Thursday, September 5, 2019

A LOVE STORY

I have a story to tell. It's a lovely, human story and this is a time when we can all use lovely, human stories to remind us that we are not the lowest of all species on the planet Earth.

The story starts many years ago, in the 1950s, when an undergraduate student (that was me) fell in love with another undergraduate student--who did not fall in love with him. Instead, she fell in love with another undergraduate student, a ridiculously handsome, charming man from India, who also fell in love with her. This was a time when interracial relationships, let alone marriages, were "not on." Ancient and powerful social conventions militated against the couple, as did her family. Perhaps his family, too.

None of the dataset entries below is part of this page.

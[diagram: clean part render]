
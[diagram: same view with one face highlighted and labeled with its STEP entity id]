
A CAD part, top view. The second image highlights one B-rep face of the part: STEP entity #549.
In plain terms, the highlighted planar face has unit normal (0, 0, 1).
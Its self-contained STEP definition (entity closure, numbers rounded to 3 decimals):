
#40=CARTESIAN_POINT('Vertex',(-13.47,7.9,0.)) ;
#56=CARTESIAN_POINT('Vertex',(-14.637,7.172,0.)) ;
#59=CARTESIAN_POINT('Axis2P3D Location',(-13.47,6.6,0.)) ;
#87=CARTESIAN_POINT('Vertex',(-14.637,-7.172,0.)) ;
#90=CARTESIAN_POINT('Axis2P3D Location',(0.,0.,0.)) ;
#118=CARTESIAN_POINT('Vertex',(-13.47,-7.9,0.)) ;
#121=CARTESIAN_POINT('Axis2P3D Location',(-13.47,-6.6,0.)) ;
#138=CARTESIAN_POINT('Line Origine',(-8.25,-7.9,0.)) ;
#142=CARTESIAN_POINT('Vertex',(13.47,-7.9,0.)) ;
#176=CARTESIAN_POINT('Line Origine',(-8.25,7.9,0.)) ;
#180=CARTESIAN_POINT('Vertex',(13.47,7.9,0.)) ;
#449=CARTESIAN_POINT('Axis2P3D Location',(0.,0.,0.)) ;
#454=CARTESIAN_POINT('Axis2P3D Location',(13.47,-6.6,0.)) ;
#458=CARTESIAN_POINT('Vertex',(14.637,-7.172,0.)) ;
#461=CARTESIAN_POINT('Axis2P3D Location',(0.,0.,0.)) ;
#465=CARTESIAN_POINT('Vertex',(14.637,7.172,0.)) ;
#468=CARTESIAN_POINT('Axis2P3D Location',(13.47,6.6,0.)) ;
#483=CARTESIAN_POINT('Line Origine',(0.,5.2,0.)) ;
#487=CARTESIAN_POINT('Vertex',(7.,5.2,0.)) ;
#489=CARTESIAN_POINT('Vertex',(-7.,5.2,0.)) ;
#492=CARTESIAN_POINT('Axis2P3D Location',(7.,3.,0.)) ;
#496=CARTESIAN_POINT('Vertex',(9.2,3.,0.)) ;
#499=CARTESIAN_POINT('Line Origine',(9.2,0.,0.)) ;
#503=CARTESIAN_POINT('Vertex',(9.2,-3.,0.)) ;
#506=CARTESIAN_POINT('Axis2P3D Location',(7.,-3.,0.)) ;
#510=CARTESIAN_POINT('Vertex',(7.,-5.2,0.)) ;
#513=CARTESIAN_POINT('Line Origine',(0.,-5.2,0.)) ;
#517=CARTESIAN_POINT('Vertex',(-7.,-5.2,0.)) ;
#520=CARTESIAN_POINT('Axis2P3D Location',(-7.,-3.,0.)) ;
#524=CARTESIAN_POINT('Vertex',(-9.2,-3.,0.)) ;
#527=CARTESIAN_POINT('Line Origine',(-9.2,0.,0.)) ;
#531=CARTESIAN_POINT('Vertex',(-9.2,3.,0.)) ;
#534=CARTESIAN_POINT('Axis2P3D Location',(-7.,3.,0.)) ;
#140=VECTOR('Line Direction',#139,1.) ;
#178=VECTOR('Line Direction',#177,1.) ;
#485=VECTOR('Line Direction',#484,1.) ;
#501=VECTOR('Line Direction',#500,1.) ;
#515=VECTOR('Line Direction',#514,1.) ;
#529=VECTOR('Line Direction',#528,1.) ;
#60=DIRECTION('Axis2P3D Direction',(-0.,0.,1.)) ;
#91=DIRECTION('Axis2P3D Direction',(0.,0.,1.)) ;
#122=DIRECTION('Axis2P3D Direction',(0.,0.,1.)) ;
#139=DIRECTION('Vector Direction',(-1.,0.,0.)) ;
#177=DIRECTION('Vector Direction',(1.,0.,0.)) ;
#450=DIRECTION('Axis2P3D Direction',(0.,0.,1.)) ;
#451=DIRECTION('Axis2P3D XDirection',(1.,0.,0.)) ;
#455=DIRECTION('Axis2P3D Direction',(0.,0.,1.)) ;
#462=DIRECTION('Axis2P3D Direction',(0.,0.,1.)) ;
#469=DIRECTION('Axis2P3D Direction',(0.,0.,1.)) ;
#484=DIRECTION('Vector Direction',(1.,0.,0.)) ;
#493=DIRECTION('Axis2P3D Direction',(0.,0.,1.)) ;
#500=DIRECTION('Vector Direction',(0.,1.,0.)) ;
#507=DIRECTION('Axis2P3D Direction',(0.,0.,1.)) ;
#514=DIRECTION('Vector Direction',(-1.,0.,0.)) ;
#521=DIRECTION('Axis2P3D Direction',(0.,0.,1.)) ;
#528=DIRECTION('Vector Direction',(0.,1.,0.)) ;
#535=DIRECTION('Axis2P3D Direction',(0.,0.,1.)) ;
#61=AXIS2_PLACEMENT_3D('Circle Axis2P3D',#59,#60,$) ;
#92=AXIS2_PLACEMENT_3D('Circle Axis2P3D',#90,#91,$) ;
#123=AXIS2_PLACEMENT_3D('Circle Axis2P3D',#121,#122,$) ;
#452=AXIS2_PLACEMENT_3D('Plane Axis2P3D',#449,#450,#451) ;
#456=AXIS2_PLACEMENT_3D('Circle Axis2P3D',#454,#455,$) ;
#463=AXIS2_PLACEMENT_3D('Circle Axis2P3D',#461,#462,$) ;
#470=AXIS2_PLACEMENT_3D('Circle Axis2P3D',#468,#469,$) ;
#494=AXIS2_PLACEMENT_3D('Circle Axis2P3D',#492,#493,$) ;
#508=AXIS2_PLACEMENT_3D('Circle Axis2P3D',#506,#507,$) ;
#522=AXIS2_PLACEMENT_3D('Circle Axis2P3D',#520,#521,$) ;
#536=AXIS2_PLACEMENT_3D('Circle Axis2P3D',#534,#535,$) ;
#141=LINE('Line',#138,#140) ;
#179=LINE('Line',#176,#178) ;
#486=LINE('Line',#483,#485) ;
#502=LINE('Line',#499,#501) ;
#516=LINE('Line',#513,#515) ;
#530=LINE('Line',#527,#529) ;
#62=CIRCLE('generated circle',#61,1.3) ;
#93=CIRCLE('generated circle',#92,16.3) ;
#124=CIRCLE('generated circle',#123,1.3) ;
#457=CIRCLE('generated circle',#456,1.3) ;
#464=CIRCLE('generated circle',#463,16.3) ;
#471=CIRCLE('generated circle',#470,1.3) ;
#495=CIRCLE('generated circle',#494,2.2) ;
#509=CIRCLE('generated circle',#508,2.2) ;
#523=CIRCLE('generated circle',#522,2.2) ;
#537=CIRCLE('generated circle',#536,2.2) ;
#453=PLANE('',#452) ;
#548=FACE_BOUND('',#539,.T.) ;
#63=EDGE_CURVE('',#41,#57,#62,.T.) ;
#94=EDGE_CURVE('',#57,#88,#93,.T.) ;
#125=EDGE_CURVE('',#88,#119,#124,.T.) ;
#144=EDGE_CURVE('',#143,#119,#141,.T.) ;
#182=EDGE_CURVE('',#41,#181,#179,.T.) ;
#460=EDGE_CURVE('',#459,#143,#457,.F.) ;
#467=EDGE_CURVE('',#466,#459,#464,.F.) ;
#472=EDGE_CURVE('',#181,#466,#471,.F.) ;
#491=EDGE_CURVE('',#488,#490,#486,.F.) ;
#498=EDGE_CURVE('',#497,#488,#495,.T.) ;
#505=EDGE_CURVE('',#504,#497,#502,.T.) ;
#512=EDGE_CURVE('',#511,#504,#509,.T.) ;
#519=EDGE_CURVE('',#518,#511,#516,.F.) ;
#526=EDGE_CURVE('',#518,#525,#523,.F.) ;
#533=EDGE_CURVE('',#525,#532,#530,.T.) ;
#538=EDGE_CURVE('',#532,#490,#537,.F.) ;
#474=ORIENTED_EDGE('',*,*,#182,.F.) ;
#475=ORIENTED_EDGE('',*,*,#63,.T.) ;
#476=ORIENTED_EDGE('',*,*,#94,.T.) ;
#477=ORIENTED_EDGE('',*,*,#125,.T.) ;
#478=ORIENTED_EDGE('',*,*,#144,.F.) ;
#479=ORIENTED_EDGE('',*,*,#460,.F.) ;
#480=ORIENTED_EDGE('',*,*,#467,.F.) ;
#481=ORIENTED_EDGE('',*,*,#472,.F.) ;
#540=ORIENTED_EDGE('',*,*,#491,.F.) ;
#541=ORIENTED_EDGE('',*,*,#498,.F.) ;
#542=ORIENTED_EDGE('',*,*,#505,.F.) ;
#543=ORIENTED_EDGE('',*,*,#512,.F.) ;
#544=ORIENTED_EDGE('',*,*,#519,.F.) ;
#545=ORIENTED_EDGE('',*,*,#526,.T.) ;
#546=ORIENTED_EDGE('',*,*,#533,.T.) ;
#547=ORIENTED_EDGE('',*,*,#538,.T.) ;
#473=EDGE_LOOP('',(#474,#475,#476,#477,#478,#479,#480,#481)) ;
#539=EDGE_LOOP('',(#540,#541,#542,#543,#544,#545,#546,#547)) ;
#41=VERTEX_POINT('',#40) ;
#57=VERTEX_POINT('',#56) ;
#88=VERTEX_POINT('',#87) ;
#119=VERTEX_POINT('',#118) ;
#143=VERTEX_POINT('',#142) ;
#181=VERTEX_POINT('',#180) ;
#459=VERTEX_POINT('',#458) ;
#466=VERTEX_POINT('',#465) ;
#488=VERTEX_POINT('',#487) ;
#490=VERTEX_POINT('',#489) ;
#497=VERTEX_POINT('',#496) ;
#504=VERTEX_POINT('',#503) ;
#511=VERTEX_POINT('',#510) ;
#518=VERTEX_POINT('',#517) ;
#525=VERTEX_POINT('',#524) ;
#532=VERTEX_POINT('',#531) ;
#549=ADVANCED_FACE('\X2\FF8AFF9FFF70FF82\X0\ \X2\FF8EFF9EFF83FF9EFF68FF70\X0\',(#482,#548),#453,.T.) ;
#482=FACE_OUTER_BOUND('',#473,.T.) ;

It was after we all left Cambridge and went out on our (initially) separate ways that I met up again with this young woman in London. I still loved her, and engaged her in a brief, rather stormy and, on my side, sadly immature relationship. Even after we broke up, even after years of wandering, marriage, settling down, having family and eventually growing old I never forgot this first real love of my life. She remained always in some quiet corner of my mind. It was humbling to discover, many years later, when I actually found her on the internet and we had a friendly exchange of emails, that she scarcely remembered me at all!

Which is not the end of the story. That exchange of emails took place ten years ago. (There was hope in the air; Obama was elected president!) It was a short while ago that I began to think about those youthful days again and decided to say hello. I wrote an email. It bounced back. I wrote to her old college, which is how I had found her in the first place. They had no updated information. I went back through our emails for possible clues. Looked up a friend or two she had mentioned. One had died, another was untraceable. Remembered she had a daughter with the same name as my daughter and searched for her.

I had almost given up on finding her when I recalled the name of her Indian friend at Cambridge and googled him. Found his name quite readily and noted that he'd had a distinguished career in the field of education. Discovered that he had a Facebook page. Facebook! Ridiculous! I went there, only to ascertain that his wall had gone unused for the past two years. Still, I messaged him, without much hope that he would ever receive my message and reply. Besides, he had more than likely lost contact with her after all these years. We are all now in our 80s...

To say I was surprised to receive a response from him only a couple of hours later is a wild understatement. And not only had I managed, against all odds, to find him, I had found him, to my absolutely amazement, with her! At that moment! In Australia, where I knew she had been living for many years. Both of them now widowed, they had reconnected several years ago and have been seeing each other regularly since then.

Kind of a fairy-tale ending for them, then. I hope they both had long and happy marriages. I hope they each had, still have, wonderful children and grandchildren. But--perhaps this is nothing more than romantic fantasy on my part!--the thought of a couple reunited after so long a separation, one caused by nothing more than long-discredited social racial prejudice brings hope and joy to this old, not quite yet jaded heart.

So that's my story for the day. I don't know how much I have invented, how much misremembered. But I'm sticking to it.